Saved data entries
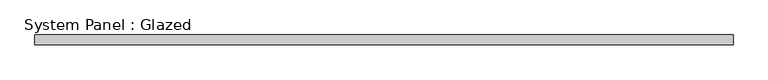
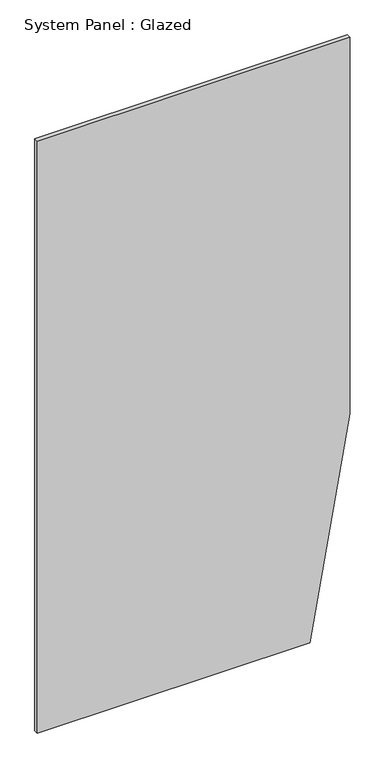
"""IFC4 building model written with IfcOpenShell, lengths in millimetres: plate geometry, System Panel : Glazed."""

from ifc_helpers import new_model, si_unit, frame, origin, place, context, project, spatial, polyline, outline, extrude, source, transform, mapped, element, save


def system_panel_glazed_87679f4c(model_context):
    return source(origin(), model_context, "Body", "SweptSolid", [
        extrude(outline(polyline([(0.0, -914.4), (0.0, 680.3834794), (1332.2432262, 914.4), (3657.6, 914.4), (3657.6, -914.4), (0.0, -914.4)])), frame((0.0, -44.45, 0.0), z_axis=(0.0, 1.0, 0.0), x_axis=(0.0, 0.0, 1.0)), (0.0, 0.0, 1.0), 25.4),
    ])


if __name__ == "__main__":
    model = new_model("IFC4")
    model_context = context("Model", 3, world=origin())
    ifc_project = project(units=[si_unit("LENGTHUNIT", "METRE", prefix="MILLI")], contexts=[model_context])
    site = spatial("IfcSite", under=ifc_project)
    building = spatial("IfcBuilding", under=site)
    placement = place(None, origin())
    system_panel_glazed_shape = system_panel_glazed_87679f4c(model_context)
    element("IfcPlate", 1, ObjectType="System Panel : Glazed", at=placement, inside=building, context=model_context, shape_type="MappedRepresentation", body=[
        mapped(system_panel_glazed_shape, transform((0.0, 0.0, 0.0), x_axis=(1.0, 0.0, 0.0), y_axis=(0.0, 1.0, 0.0), z_axis=(0.0, 0.0, 1.0))),
    ])
    save(model, "model.ifc")

# Revit data of these elements
# Type "System Panel : Glazed"
#   Construction Type Id = "GSP4R"
#   Analytic Construction = "1/8 in Pilkington single glazing"
#   Visual Light Transmittance = 0.9
#   Solar Heat Gain Coefficient = 0.86
#   Heat Transfer Coefficient (U) = 1.18115 BTU/(h·ft²·°F)
#   Define Thermal Properties by = 1
# Element 1 (IfcPlate, "System Panel : Glazed")
#   Materials on its faces: "Glass"
# Materials
#   "Glass": class "Glass", colour RGB 0 128 192, transparency 0.75, Description = "Soda Lime Glass", Cost = 0
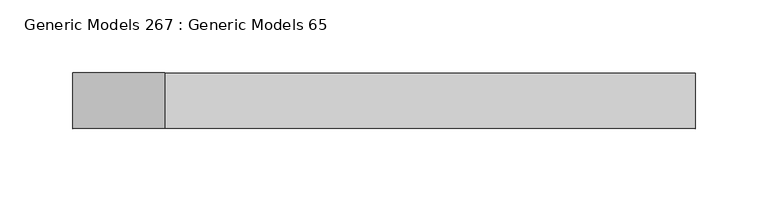
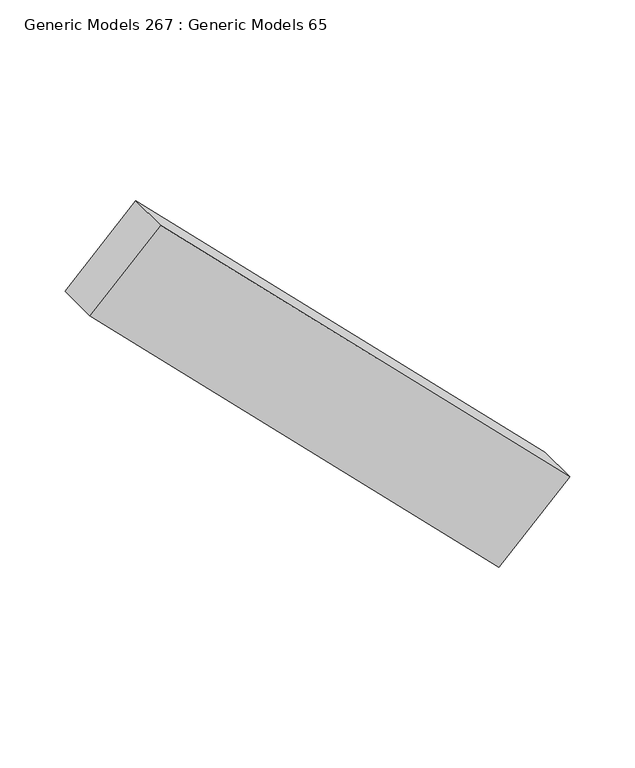
"""IFC4 building model written with IfcOpenShell, lengths in millimetres: proxy geometry, Generic Models 267 : Generic Models 65."""

from ifc_helpers import new_model, si_unit, frame, origin, place, context, project, spatial, polyline, outline, extrude, source, transform, mapped, element, save


def generic_models_267_generic_models_65_11354230(model_context):
    return source(origin(), model_context, "Body", "SweptSolid", [
        extrude(outline(polyline([(0.0, -38.1), (0.0, 0.0), (514.35, 0.0), (514.35, -38.1), (0.0, -38.1)])), frame((47276.4596037, 592.1375, 5202.484661), z_axis=(0.7071067811865633, 0.0, 0.7071067811865317), x_axis=(-0.7071067811865317, 0.0, 0.7071067811865633)), (0.0, 0.0, 1.0), 88.9),
    ])


if __name__ == "__main__":
    model = new_model("IFC4")
    model_context = context("Model", 3, world=origin())
    ifc_project = project(units=[si_unit("LENGTHUNIT", "METRE", prefix="MILLI")], contexts=[model_context])
    site = spatial("IfcSite", under=ifc_project)
    building = spatial("IfcBuilding", under=site)
    placement = place(None, origin())
    generic_models_267_generic_models_65_shape = generic_models_267_generic_models_65_11354230(model_context)
    element("IfcBuildingElementProxy", 1, Name="Generic Models 267 : Generic Models 65", ObjectType="Generic Models 267 : Generic Models 65", at=placement, inside=building, context=model_context, shape_type="MappedRepresentation", body=[
        mapped(generic_models_267_generic_models_65_shape, transform((0.0, 0.0, 0.0), x_axis=(1.0, 0.0, 0.0), y_axis=(0.0, 1.0, 0.0), z_axis=(0.0, 0.0, 1.0))),
    ])
    save(model, "model.ifc")

# Revit data of these elements
# Element 1 (IfcBuildingElementProxy, "Generic Models 267 : Generic Models 65")
#   Materials on its faces: "DIAGONAL BRACING AS REQUIRED"
# Materials
#   "DIAGONAL BRACING AS REQUIRED": class "Wood", colour RGB 234 198 147, transparency 0, Description = "Pinus Echinata", Cost = 0
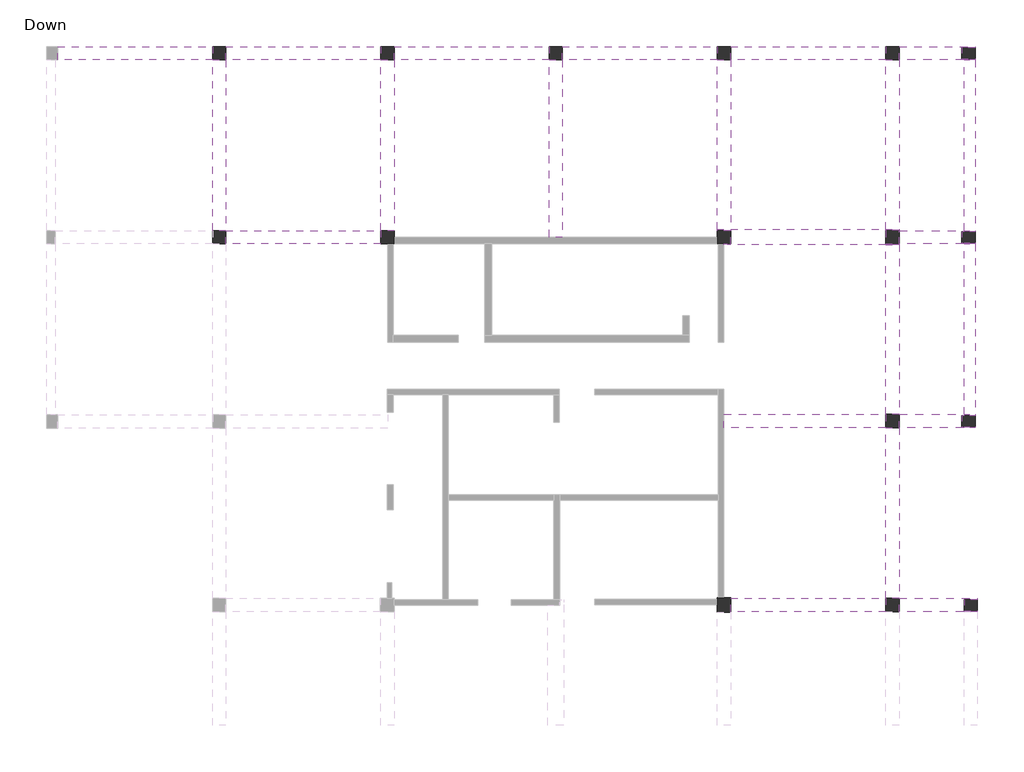
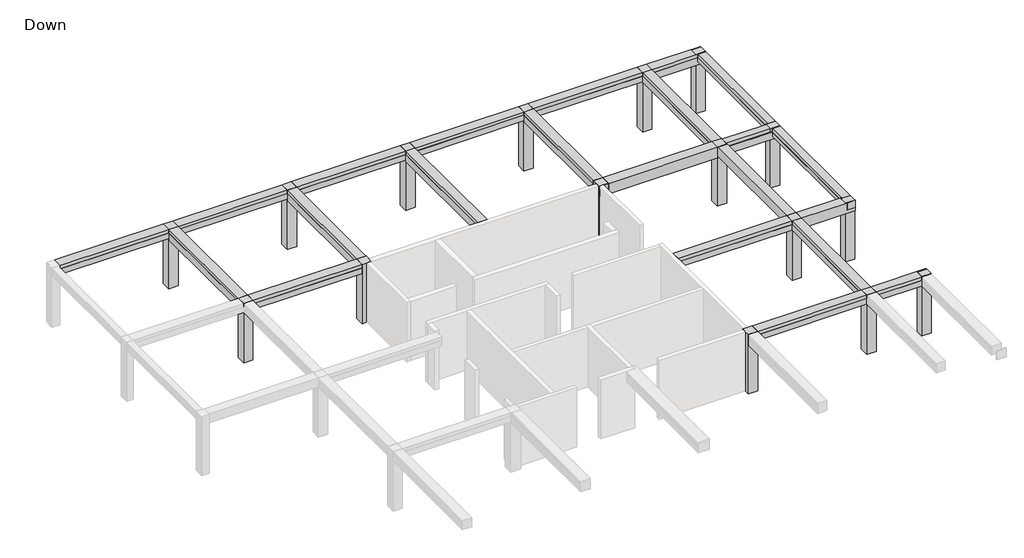
# One storey, part 2 of 2: 22 beams, 16 columns.
"""IFC4 building model written with IfcOpenShell, lengths in millimetres."""

from ifc_helpers import new_model, si_unit, frame, origin, origin_with_axes, place, context, project, spatial, polyline, outline, extrude, faceted_brep, element, save

model = new_model("IFC4")

# Units and contexts
model_context = context("Model", 3, world=origin())
ifc_project = project(units=[si_unit("LENGTHUNIT", "METRE", prefix="MILLI")], contexts=[model_context])

# Site, building, storey
site = spatial("IfcSite", under=ifc_project)
building = spatial("IfcBuilding", under=site)
storey = spatial("IfcBuildingStorey", under=building, Name="Down", Elevation=0.0)

# Beams
placement = place(None, origin())
element("IfcBeam", 1, ObjectType="Concrete Rectengular Beam : 50/50", at=placement, inside=storey, context=model_context, shape_type="Brep", body=[
    faceted_brep([(20278.3855721, 17336.6191558, 4000.0), (20278.3855721, 17386.6191558, 4000.0), (19788.3855721, 17386.6191558, 4000.0), (19788.3855721, 17336.6191558, 4000.0), (19778.3855721, 17386.6191558, 3500.0), (19778.3855721, 17336.6191558, 3500.0), (19778.3855721, 17336.6191558, 3770.0), (19778.3855721, 17386.6191558, 3770.0), (20278.3855721, 17336.6191558, 3500.0), (20278.3855721, 17386.6191558, 3500.0), (19788.3855721, 17336.6191558, 3770.0), (19788.3855721, 17386.6191558, 3770.0)], [[[0, 1, 2, 3]], [[4, 5, 6, 7]], [[8, 5, 4, 9]], [[0, 8, 9, 1]], [[5, 8, 0, 3, 10, 6]], [[9, 4, 7, 11, 2, 1]], [[10, 11, 7, 6]], [[11, 10, 3, 2]]]),
    faceted_brep([(20278.3855721, 25592.9632364, 3500.0), (19778.3855721, 25592.9632364, 3500.0), (19778.3855721, 25592.9632364, 3770.0), (19788.3855721, 25592.9632364, 3770.0), (19788.3855721, 25592.9632364, 4000.0), (20278.3855721, 25592.9632364, 4000.0), (19778.3855721, 17936.6191558, 3770.0), (19778.3855721, 17886.6191558, 3770.0), (19788.3855721, 17886.6191558, 3770.0), (19788.3855721, 17886.6191558, 4000.0), (20278.3855721, 17886.6191558, 4000.0), (19778.3855721, 17886.6191558, 3500.0), (20278.3855721, 17886.6191558, 3500.0), (19778.3855721, 17936.6191558, 3500.0), (20278.3855721, 17936.6191558, 3500.0)], [[[0, 1, 2, 3, 4, 5]], [[3, 2, 6, 7, 8]], [[4, 3, 8, 9]], [[10, 9, 8, 7, 11, 12]], [[10, 5, 4, 9]], [[1, 13, 11, 7, 6, 2]], [[1, 0, 14, 12, 11, 13]], [[0, 5, 10, 12, 14]]]),
])
element("IfcBeam", 2, ObjectType="Concrete Rectengular Beam : 50/50", at=placement, inside=storey, context=model_context, shape_type="Brep", body=[
    faceted_brep([(19778.3855721, 9081.6131842, 4000.0), (20278.3855721, 9081.6131842, 4000.0), (20278.3855721, 9131.6131842, 4000.0), (19778.3855721, 9131.6131842, 4000.0), (19778.3855721, 9081.6131842, 3500.0), (19778.3855721, 9131.6131842, 3500.0), (20278.3855721, 9081.6131842, 3500.0), (20278.3855721, 9131.6131842, 3500.0)], [[[0, 1, 2, 3]], [[4, 0, 3, 5]], [[6, 4, 5, 7]], [[1, 6, 7, 2]], [[1, 0, 4, 6]], [[3, 2, 7, 5]]]),
    faceted_brep([(20278.3855721, 9631.6131842, 4000.0), (19778.3855721, 9631.6131842, 4000.0), (19778.3855721, 9631.6131842, 3500.0), (20278.3855721, 9631.6131842, 3500.0), (20278.3855721, 17336.6191558, 4000.0), (19788.3855721, 17336.6191558, 4000.0), (19788.3855721, 9676.6131842, 4000.0), (19778.3855721, 9676.6131842, 4000.0), (19778.3855721, 9676.6131842, 3770.0), (19778.3855721, 9681.6131842, 3770.0), (19778.3855721, 17336.6191558, 3770.0), (19778.3855721, 17336.6191558, 3500.0), (19778.3855721, 9681.6131842, 3500.0), (20278.3855721, 17336.6191558, 3500.0), (20278.3855721, 9681.6131842, 3500.0), (19788.3855721, 17336.6191558, 3770.0), (19788.3855721, 9676.6131842, 3770.0)], [[[0, 1, 2, 3]], [[1, 0, 4, 5, 6, 7]], [[2, 1, 7, 8, 9, 10, 11, 12]], [[3, 2, 12, 11, 13, 14]], [[0, 3, 14, 13, 4]], [[13, 11, 10, 15, 5, 4]], [[8, 16, 15, 10, 9]], [[16, 6, 5, 15]], [[6, 16, 8, 7]]]),
])
element("IfcBeam", 3, ObjectType="Concrete Rectengular Beam : 60/60", at=placement, inside=storey, context=model_context, shape_type="SweptSolid", body=[
    extrude(outline(polyline([(26192.9632364, 3400.0), (25592.9632364, 3400.0), (25592.9632364, 3770.0), (25597.9632364, 3770.0), (25597.9632364, 4000.0), (26192.9632364, 4000.0), (26192.9632364, 3400.0)])), frame((-20894.7160223, 0.0, 0.0), z_axis=(1.0, 0.0, 0.0), x_axis=(0.0, 1.0, 0.0)), (0.0, 0.0, 1.0), 6950.9015474),
])
element("IfcBeam", 4, ObjectType="Concrete Rectengular Beam : 60/60", at=placement, inside=storey, context=model_context, shape_type="SweptSolid", body=[
    extrude(outline(polyline([(26192.9632364, 3400.0), (25592.9632364, 3400.0), (25592.9632364, 3770.0), (25597.9632364, 3770.0), (25597.9632364, 4000.0), (26192.9632364, 4000.0), (26192.9632364, 3400.0)])), frame((-13343.8144749, 0.0, 0.0), z_axis=(1.0, 0.0, 0.0), x_axis=(0.0, 1.0, 0.0)), (0.0, 0.0, 1.0), 6953.6558928),
])
element("IfcBeam", 5, ObjectType="Concrete Rectengular Beam : 60/60", at=placement, inside=storey, context=model_context, shape_type="SweptSolid", body=[
    extrude(outline(polyline([(26192.9632364, 3400.0), (25592.9632364, 3400.0), (25592.9632364, 3770.0), (25597.9632364, 3770.0), (25597.9632364, 4000.0), (26192.9632364, 4000.0), (26192.9632364, 3400.0)])), frame((-5790.1585821, 0.0, 0.0), z_axis=(1.0, 0.0, 0.0), x_axis=(0.0, 1.0, 0.0)), (0.0, 0.0, 1.0), 6947.2395979),
])
element("IfcBeam", 6, ObjectType="Concrete Rectengular Beam : 60/60", at=placement, inside=storey, context=model_context, shape_type="SweptSolid", body=[
    extrude(outline(polyline([(26192.9632364, 3400.0), (25592.9632364, 3400.0), (25592.9632364, 3770.0), (25597.9632364, 3770.0), (25597.9632364, 4000.0), (26192.9632364, 4000.0), (26192.9632364, 3400.0)])), frame((1757.0810158, 0.0, 0.0), z_axis=(1.0, 0.0, 0.0), x_axis=(0.0, 1.0, 0.0)), (0.0, 0.0, 1.0), 6946.2785308),
])
element("IfcBeam", 7, ObjectType="Concrete Rectengular Beam : 60/60", at=placement, inside=storey, context=model_context, shape_type="SweptSolid", body=[
    extrude(outline(polyline([(26192.9632364, 3400.0), (25592.9632364, 3400.0), (25592.9632364, 3770.0), (25597.9632364, 3770.0), (25597.9632364, 4000.0), (26192.9632364, 4000.0), (26192.9632364, 3400.0)])), frame((9303.3595467, 0.0, 0.0), z_axis=(1.0, 0.0, 0.0), x_axis=(0.0, 1.0, 0.0)), (0.0, 0.0, 1.0), 6958.5206647),
])
element("IfcBeam", 8, ObjectType="Concrete Rectengular Beam : 60/60", at=placement, inside=storey, context=model_context, shape_type="SweptSolid", body=[
    extrude(outline(polyline([(3400.0, 16261.8802114), (3400.0, 16861.8802114), (4000.0, 16861.8802114), (4000.0, 16266.8802114), (3770.0, 16266.8802114), (3770.0, 16261.8802114), (3400.0, 16261.8802114)])), frame((0.0, 1432.5009852, 0.0), z_axis=(0.0, 1.0, 0.0), x_axis=(0.0, 0.0, 1.0)), (0.0, 0.0, 1.0), 7649.112199),
])
element("IfcBeam", 9, ObjectType="Concrete Rectengular Beam : 60/60", at=placement, inside=storey, context=model_context, shape_type="SweptSolid", body=[
    extrude(outline(polyline([(1432.5009852, 3400.0), (832.5009852, 3400.0), (832.5009852, 3770.0), (837.5009852, 3770.0), (837.5009852, 4000.0), (1427.5009852, 4000.0), (1427.5009852, 3770.0), (1432.5009852, 3770.0), (1432.5009852, 3400.0)])), frame((9303.3595467, 0.0, 0.0), z_axis=(1.0, 0.0, 0.0), x_axis=(0.0, 1.0, 0.0)), (0.0, 0.0, 1.0), 6958.5206647),
])
element("IfcBeam", 10, ObjectType="Concrete Rectengular Beam : 60/60", at=placement, inside=storey, context=model_context, shape_type="SweptSolid", body=[
    extrude(outline(polyline([(17936.6191558, 3400.0), (17336.6191558, 3400.0), (17336.6191558, 3770.0), (17341.6191558, 3770.0), (17341.6191558, 4000.0), (17931.6191558, 4000.0), (17931.6191558, 3770.0), (17936.6191558, 3770.0), (17936.6191558, 3400.0)])), frame((-13343.8144749, 0.0, 0.0), z_axis=(1.0, 0.0, 0.0), x_axis=(0.0, 1.0, 0.0)), (0.0, 0.0, 1.0), 6953.6558928),
])
element("IfcBeam", 11, ObjectType="Concrete Rectengular Beam : 60/60", at=placement, inside=storey, context=model_context, shape_type="Brep", body=[
    faceted_brep([(16261.8802114, 9086.6131842, 4000.0), (16261.8802114, 9681.6131842, 4000.0), (9006.9599651, 9681.6131842, 4000.0), (9006.9599651, 9086.6131842, 4000.0), (16261.8802114, 9681.6131842, 3770.0), (16261.8802114, 9681.6131842, 3400.0), (9006.9599651, 9681.6131842, 3400.0), (9006.9599651, 9681.6131842, 3770.0), (16261.8802114, 9081.6131842, 3400.0), (9006.9599651, 9081.6131842, 3400.0), (16261.8802114, 9081.6131842, 3770.0), (9006.9599651, 9081.6131842, 3770.0), (16261.8802114, 9086.6131842, 3770.0), (9006.9599651, 9086.6131842, 3770.0)], [[[0, 1, 2, 3]], [[1, 4, 5, 6, 7, 2]], [[5, 8, 9, 6]], [[8, 10, 11, 9]], [[5, 4, 1, 0, 12, 10, 8]], [[10, 12, 13, 11]], [[12, 0, 3, 13]], [[3, 2, 7, 6, 9, 11, 13]]]),
])
element("IfcBeam", 12, ObjectType="Concrete Rectengular Beam : 60/60", at=placement, inside=storey, context=model_context, shape_type="Brep", body=[
    faceted_brep([(16261.8802114, 17293.0356779, 4000.0), (16261.8802114, 9681.6131842, 4000.0), (16856.8802114, 9681.6131842, 4000.0), (16856.8802114, 17293.0356779, 4000.0), (16861.8802114, 9681.6131842, 3400.0), (16861.8802114, 17293.0356779, 3400.0), (16861.8802114, 17293.0356779, 3770.0), (16861.8802114, 9681.6131842, 3770.0), (16261.8802114, 17293.0356779, 3400.0), (16261.8802114, 9681.6131842, 3400.0), (16261.8802114, 9681.6131842, 3770.0), (16261.8802114, 17293.0356779, 3770.0), (16856.8802114, 9681.6131842, 3770.0), (16856.8802114, 17293.0356779, 3770.0)], [[[0, 1, 2, 3]], [[4, 5, 6, 7]], [[8, 5, 4, 9]], [[9, 10, 1, 0, 11, 8]], [[1, 10, 9, 4, 7, 12, 2]], [[5, 8, 11, 0, 3, 13, 6]], [[13, 12, 7, 6]], [[12, 13, 3, 2]]]),
])
element("IfcBeam", 13, ObjectType="Concrete Rectengular Beam : 60/60", at=placement, inside=storey, context=model_context, shape_type="Brep", body=[
    faceted_brep([(20381.7521333, 1432.5009852, 4000.0), (16861.8802114, 1432.5009852, 4000.0), (16861.8802114, 837.5009852, 4000.0), (19786.5095237, 837.5009852, 4000.0), (19786.5074854, 832.5009852, 4000.0), (20381.5075349, 832.5009852, 4000.0), (20381.5197648, 862.5009852, 4000.0), (19781.6298091, 862.5009852, 4000.0), (19781.6298091, 1362.5009852, 4000.0), (20381.7235968, 1362.5009852, 4000.0), (20381.5075349, 832.5009852, 3400.0), (19786.5074854, 832.5009852, 3770.0), (16861.8802114, 832.5009852, 3770.0), (16861.8802114, 832.5009852, 3400.0), (19781.507485, 832.5009852, 3400.0), (16861.8802114, 1432.5009852, 3400.0), (20381.7521333, 1432.5009852, 3400.0), (20381.7235968, 1362.5009852, 3400.0), (19781.6298091, 1362.5009852, 3400.0), (19781.6298091, 862.5009852, 3400.0), (20381.5197648, 862.5009852, 3400.0), (16861.8802114, 837.5009852, 3770.0), (19786.5095237, 837.5009852, 3770.0)], [[[0, 1, 2, 3, 4, 5, 6, 7, 8, 9]], [[10, 5, 4, 11, 12, 13, 14]], [[15, 16, 17, 18, 19, 20, 10, 14, 13]], [[15, 1, 0, 16]], [[1, 15, 13, 12, 21, 2]], [[22, 21, 12, 11]], [[3, 22, 11, 4]], [[22, 3, 2, 21]], [[16, 0, 9, 17]], [[19, 7, 6, 20]], [[7, 19, 18, 8]], [[8, 18, 17, 9]], [[5, 10, 20, 6]]]),
])
element("IfcBeam", 14, ObjectType="Concrete Rectengular Beam : 60/65", at=placement, inside=storey, context=model_context, shape_type="Brep", body=[
    faceted_brep([(9303.3595467, 17293.0356779, 4000.0), (9303.3595467, 17336.6191558, 4000.0), (9006.9599651, 17336.6191558, 4000.0), (9006.9599651, 17293.0356779, 4000.0), (9303.3595467, 17293.0356779, 3350.0), (9303.3595467, 17336.6191558, 3350.0), (9006.9599651, 17293.0356779, 3770.0), (9006.9599651, 17293.0356779, 3350.0), (9006.9599651, 17336.6191558, 3350.0)], [[[0, 1, 2, 3]], [[0, 4, 5, 1]], [[4, 0, 3, 6, 7]], [[3, 2, 8, 7, 6]], [[5, 4, 7, 8]], [[1, 5, 8, 2]]]),
    faceted_brep([(8703.3595467, 17336.6191558, 3350.0), (8703.3595467, 17293.0356779, 3350.0), (8703.3595467, 17293.0356779, 3770.0), (8703.3595467, 17336.6191558, 3770.0), (8756.9599651, 17336.6191558, 3350.0), (8756.9599651, 17293.0356779, 3350.0), (8756.9599651, 17336.6191558, 3770.0), (8756.9599651, 17293.0356779, 3770.0)], [[[0, 1, 2, 3]], [[1, 0, 4, 5]], [[0, 3, 6, 4]], [[3, 2, 7, 6]], [[5, 4, 6, 7]], [[2, 1, 5, 7]]]),
    faceted_brep([(9303.3595467, 25592.9632364, 3350.0), (8703.3595467, 25592.9632364, 3350.0), (8703.3595467, 25592.9632364, 3770.0), (8708.3595467, 25592.9632364, 3770.0), (8708.3595467, 25592.9632364, 4000.0), (9298.3595467, 25592.9632364, 4000.0), (9298.3595467, 25592.9632364, 3770.0), (9303.3595467, 25592.9632364, 3770.0), (8703.3595467, 17936.6191558, 3350.0), (9303.3595467, 17936.6191558, 3350.0), (9303.3595467, 17936.6191558, 4000.0), (8708.3595467, 17936.6191558, 4000.0), (8708.3595467, 17936.6191558, 3770.0), (8703.3595467, 17936.6191558, 3770.0), (9303.3595467, 17938.0356779, 4000.0), (9298.3595467, 17938.0356779, 4000.0), (8703.3595467, 17993.0356779, 3350.0), (9303.3595467, 17993.0356779, 3350.0), (9303.3595467, 17993.0356779, 3770.0), (9303.3595467, 17938.0356779, 3770.0), (9298.3595467, 17938.0356779, 3770.0)], [[[0, 1, 2, 3, 4, 5, 6, 7]], [[8, 9, 10, 11, 12, 13]], [[11, 10, 14, 15, 5, 4]], [[1, 16, 8, 13, 2]], [[1, 0, 17, 9, 8, 16]], [[10, 9, 17, 0, 7, 18, 19, 14]], [[6, 20, 19, 18, 7]], [[20, 15, 14, 19]], [[15, 20, 6, 5]], [[12, 3, 2, 13]], [[3, 12, 11, 4]]]),
])
element("IfcBeam", 15, ObjectType="Concrete Rectengular Beam : 60/65", at=placement, inside=storey, context=model_context, shape_type="Brep", body=[
    faceted_brep([(16261.8802114, 17343.0356779, 4000.0), (16261.8802114, 17293.0356779, 4000.0), (16856.8802114, 17293.0356779, 4000.0), (16856.8802114, 17343.0356779, 4000.0), (16261.8802114, 17293.0356779, 3350.0), (16261.8802114, 17293.0356779, 3400.0), (16261.8802114, 17343.0356779, 3350.0), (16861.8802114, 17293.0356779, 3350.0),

■ Task description ■
When a line among the entries contains "IfcOpenShell", pull that line out.

■ Task response ■
"""IFC4 building model written with IfcOpenShell, lengths in millimetres: plate geometry, System Panel : Glazed."""
"""IFC4 building model written with IfcOpenShell, lengths in millimetres: proxy geometry, Generic Models 267 : Generic Models 65."""
"""IFC4 building model written with IfcOpenShell, lengths in millimetres."""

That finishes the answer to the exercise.